Write the data below out again in full, exactly as shown.

──────── Material for the task

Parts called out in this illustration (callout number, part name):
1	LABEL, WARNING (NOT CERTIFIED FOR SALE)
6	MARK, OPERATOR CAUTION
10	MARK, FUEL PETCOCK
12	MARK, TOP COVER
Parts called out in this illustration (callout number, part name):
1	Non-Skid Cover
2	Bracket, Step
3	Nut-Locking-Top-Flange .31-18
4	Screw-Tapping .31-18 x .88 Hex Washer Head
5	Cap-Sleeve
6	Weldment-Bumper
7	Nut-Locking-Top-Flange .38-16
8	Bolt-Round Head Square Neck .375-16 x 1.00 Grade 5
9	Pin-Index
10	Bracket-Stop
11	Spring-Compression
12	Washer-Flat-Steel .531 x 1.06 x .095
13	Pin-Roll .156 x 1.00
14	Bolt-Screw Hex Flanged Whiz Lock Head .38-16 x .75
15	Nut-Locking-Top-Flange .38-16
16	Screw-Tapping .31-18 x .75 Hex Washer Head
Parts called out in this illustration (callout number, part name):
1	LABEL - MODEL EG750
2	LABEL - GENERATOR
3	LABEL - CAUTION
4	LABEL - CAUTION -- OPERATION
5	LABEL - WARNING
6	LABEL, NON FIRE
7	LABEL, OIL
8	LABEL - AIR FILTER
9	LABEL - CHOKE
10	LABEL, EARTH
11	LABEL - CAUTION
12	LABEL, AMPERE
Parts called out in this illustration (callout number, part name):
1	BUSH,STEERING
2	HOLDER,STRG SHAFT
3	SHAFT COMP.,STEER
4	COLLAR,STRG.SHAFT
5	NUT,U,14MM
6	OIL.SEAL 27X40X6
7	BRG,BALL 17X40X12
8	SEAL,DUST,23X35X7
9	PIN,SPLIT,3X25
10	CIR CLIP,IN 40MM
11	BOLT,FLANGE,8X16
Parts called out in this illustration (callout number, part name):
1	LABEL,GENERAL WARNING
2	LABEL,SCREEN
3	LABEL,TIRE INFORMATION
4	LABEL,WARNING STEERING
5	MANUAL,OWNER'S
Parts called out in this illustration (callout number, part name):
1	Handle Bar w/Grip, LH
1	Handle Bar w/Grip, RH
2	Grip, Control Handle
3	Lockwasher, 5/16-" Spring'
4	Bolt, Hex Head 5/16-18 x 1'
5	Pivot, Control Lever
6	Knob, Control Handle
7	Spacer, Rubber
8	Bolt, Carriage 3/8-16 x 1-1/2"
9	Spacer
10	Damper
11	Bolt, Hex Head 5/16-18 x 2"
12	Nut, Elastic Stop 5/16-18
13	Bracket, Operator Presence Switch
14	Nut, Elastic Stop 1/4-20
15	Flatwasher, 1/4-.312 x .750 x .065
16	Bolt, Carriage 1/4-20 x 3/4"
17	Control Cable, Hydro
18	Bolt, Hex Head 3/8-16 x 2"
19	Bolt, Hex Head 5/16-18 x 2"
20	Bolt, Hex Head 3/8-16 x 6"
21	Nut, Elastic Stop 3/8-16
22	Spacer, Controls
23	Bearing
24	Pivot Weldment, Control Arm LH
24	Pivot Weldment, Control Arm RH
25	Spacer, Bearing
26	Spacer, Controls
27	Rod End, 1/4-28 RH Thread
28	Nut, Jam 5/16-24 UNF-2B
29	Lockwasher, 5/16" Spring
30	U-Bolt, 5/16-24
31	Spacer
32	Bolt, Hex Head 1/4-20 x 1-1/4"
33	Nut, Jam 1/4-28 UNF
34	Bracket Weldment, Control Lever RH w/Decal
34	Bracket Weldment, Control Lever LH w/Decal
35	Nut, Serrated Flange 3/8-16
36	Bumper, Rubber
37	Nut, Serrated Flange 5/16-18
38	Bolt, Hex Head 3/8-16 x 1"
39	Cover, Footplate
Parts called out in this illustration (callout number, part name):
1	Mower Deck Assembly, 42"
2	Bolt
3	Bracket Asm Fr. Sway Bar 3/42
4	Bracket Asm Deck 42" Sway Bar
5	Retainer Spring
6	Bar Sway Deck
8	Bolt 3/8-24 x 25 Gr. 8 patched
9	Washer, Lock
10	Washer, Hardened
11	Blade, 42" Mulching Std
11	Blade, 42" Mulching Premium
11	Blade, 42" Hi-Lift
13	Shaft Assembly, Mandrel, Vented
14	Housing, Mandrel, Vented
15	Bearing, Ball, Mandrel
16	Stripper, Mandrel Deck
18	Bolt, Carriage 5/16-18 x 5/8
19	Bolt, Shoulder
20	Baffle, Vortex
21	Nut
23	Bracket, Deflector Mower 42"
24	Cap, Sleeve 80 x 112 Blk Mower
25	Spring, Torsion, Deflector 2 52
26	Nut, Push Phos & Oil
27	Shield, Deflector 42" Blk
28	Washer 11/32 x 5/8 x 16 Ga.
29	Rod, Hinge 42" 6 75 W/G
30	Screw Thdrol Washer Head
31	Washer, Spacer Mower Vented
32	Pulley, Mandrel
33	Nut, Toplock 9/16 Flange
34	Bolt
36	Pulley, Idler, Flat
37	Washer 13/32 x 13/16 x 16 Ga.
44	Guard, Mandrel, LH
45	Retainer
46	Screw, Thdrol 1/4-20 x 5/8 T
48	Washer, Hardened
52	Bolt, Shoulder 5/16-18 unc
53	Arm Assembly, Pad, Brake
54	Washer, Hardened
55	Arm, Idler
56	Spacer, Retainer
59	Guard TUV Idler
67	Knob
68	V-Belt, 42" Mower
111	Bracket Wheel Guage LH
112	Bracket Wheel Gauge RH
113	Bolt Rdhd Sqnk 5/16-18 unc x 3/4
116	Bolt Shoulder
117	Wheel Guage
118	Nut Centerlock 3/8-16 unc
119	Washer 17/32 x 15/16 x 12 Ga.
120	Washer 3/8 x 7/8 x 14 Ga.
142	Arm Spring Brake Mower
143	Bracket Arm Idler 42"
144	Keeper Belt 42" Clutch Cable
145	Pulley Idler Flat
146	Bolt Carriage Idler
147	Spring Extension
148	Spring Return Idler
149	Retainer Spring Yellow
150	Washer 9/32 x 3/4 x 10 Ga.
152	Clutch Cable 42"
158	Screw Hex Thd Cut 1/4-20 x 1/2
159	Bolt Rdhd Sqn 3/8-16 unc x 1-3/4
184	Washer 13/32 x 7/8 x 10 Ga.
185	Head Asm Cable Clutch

────────────────

* Expected answer:
Parts called out in this illustration (callout number, part name):
1	LABEL, WARNING (NOT CERTIFIED FOR SALE)
6	MARK, OPERATOR CAUTION
10	MARK, FUEL PETCOCK
12	MARK, TOP COVER
Parts called out in this illustration (callout number, part name):
1	Non-Skid Cover
2	Bracket, Step
3	Nut-Locking-Top-Flange .31-18
4	Screw-Tapping .31-18 x .88 Hex Washer Head
5	Cap-Sleeve
6	Weldment-Bumper
7	Nut-Locking-Top-Flange .38-16
8	Bolt-Round Head Square Neck .375-16 x 1.00 Grade 5
9	Pin-Index
10	Bracket-Stop
11	Spring-Compression
12	Washer-Flat-Steel .531 x 1.06 x .095
13	Pin-Roll .156 x 1.00
14	Bolt-Screw Hex Flanged Whiz Lock Head .38-16 x .75
15	Nut-Locking-Top-Flange .38-16
16	Screw-Tapping .31-18 x .75 Hex Washer Head
Parts called out in this illustration (callout number, part name):
1	LABEL - MODEL EG750
2	LABEL - GENERATOR
3	LABEL - CAUTION
4	LABEL - CAUTION -- OPERATION
5	LABEL - WARNING
6	LABEL, NON FIRE
7	LABEL, OIL
8	LABEL - AIR FILTER
9	LABEL - CHOKE
10	LABEL, EARTH
11	LABEL - CAUTION
12	LABEL, AMPERE
Parts called out in this illustration (callout number, part name):
1	BUSH,STEERING
2	HOLDER,STRG SHAFT
3	SHAFT COMP.,STEER
4	COLLAR,STRG.SHAFT
5	NUT,U,14MM
6	OIL.SEAL 27X40X6
7	BRG,BALL 17X40X12
8	SEAL,DUST,23X35X7
9	PIN,SPLIT,3X25
10	CIR CLIP,IN 40MM
11	BOLT,FLANGE,8X16
Parts called out in this illustration (callout number, part name):
1	LABEL,GENERAL WARNING
2	LABEL,SCREEN
3	LABEL,TIRE INFORMATION
4	LABEL,WARNING STEERING
5	MANUAL,OWNER'S
Parts called out in this illustration (callout number, part name):
1	Handle Bar w/Grip, LH
1	Handle Bar w/Grip, RH
2	Grip, Control Handle
3	Lockwasher, 5/16-" Spring'
4	Bolt, Hex Head 5/16-18 x 1'
5	Pivot, Control Lever
6	Knob, Control Handle
7	Spacer, Rubber
8	Bolt, Carriage 3/8-16 x 1-1/2"
9	Spacer
10	Damper
11	Bolt, Hex Head 5/16-18 x 2"
12	Nut, Elastic Stop 5/16-18
13	Bracket, Operator Presence Switch
14	Nut, Elastic Stop 1/4-20
15	Flatwasher, 1/4-.312 x .750 x .065
16	Bolt, Carriage 1/4-20 x 3/4"
17	Control Cable, Hydro
18	Bolt, Hex Head 3/8-16 x 2"
19	Bolt, Hex Head 5/16-18 x 2"
20	Bolt, Hex Head 3/8-16 x 6"
21	Nut, Elastic Stop 3/8-16
22	Spacer, Controls
23	Bearing
24	Pivot Weldment, Control Arm LH
24	Pivot Weldment, Control Arm RH
25	Spacer, Bearing
26	Spacer, Controls
27	Rod End, 1/4-28 RH Thread
28	Nut, Jam 5/16-24 UNF-2B
29	Lockwasher, 5/16" Spring
30	U-Bolt, 5/16-24
31	Spacer
32	Bolt, Hex Head 1/4-20 x 1-1/4"
33	Nut, Jam 1/4-28 UNF
34	Bracket Weldment, Control Lever RH w/Decal
34	Bracket Weldment, Control Lever LH w/Decal
35	Nut, Serrated Flange 3/8-16
36	Bumper, Rubber
37	Nut, Serrated Flange 5/16-18
38	Bolt, Hex Head 3/8-16 x 1"
39	Cover, Footplate
Parts called out in this illustration (callout number, part name):
1	Mower Deck Assembly, 42"
2	Bolt
3	Bracket Asm Fr. Sway Bar 3/42
4	Bracket Asm Deck 42" Sway Bar
5	Retainer Spring
6	Bar Sway Deck
8	Bolt 3/8-24 x 25 Gr. 8 patched
9	Washer, Lock
10	Washer, Hardened
11	Blade, 42" Mulching Std
11	Blade, 42" Mulching Premium
11	Blade, 42" Hi-Lift
13	Shaft Assembly, Mandrel, Vented
14	Housing, Mandrel, Vented
15	Bearing, Ball, Mandrel
16	Stripper, Mandrel Deck
18	Bolt, Carriage 5/16-18 x 5/8
19	Bolt, Shoulder
20	Baffle, Vortex
21	Nut
23	Bracket, Deflector Mower 42"
24	Cap, Sleeve 80 x 112 Blk Mower
25	Spring, Torsion, Deflector 2 52
26	Nut, Push Phos & Oil
27	Shield, Deflector 42" Blk
28	Washer 11/32 x 5/8 x 16 Ga.
29	Rod, Hinge 42" 6 75 W/G
30	Screw Thdrol Washer Head
31	Washer, Spacer Mower Vented
32	Pulley, Mandrel
33	Nut, Toplock 9/16 Flange
34	Bolt
36	Pulley, Idler, Flat
37	Washer 13/32 x 13/16 x 16 Ga.
44	Guard, Mandrel, LH
45	Retainer
46	Screw, Thdrol 1/4-20 x 5/8 T
48	Washer, Hardened
52	Bolt, Shoulder 5/16-18 unc
53	Arm Assembly, Pad, Brake
54	Washer, Hardened
55	Arm, Idler
56	Spacer, Retainer
59	Guard TUV Idler
67	Knob
68	V-Belt, 42" Mower
111	Bracket Wheel Guage LH
112	Bracket Wheel Gauge RH
113	Bolt Rdhd Sqnk 5/16-18 unc x 3/4
116	Bolt Shoulder
117	Wheel Guage
118	Nut Centerlock 3/8-16 unc
119	Washer 17/32 x 15/16 x 12 Ga.
120	Washer 3/8 x 7/8 x 14 Ga.
142	Arm Spring Brake Mower
143	Bracket Arm Idler 42"
144	Keeper Belt 42" Clutch Cable
145	Pulley Idler Flat
146	Bolt Carriage Idler
147	Spring Extension
148	Spring Return Idler
149	Retainer Spring Yellow
150	Washer 9/32 x 3/4 x 10 Ga.
152	Clutch Cable 42"
158	Screw Hex Thd Cut 1/4-20 x 1/2
159	Bolt Rdhd Sqn 3/8-16 unc x 1-3/4
184	Washer 13/32 x 7/8 x 10 Ga.
185	Head Asm Cable Clutch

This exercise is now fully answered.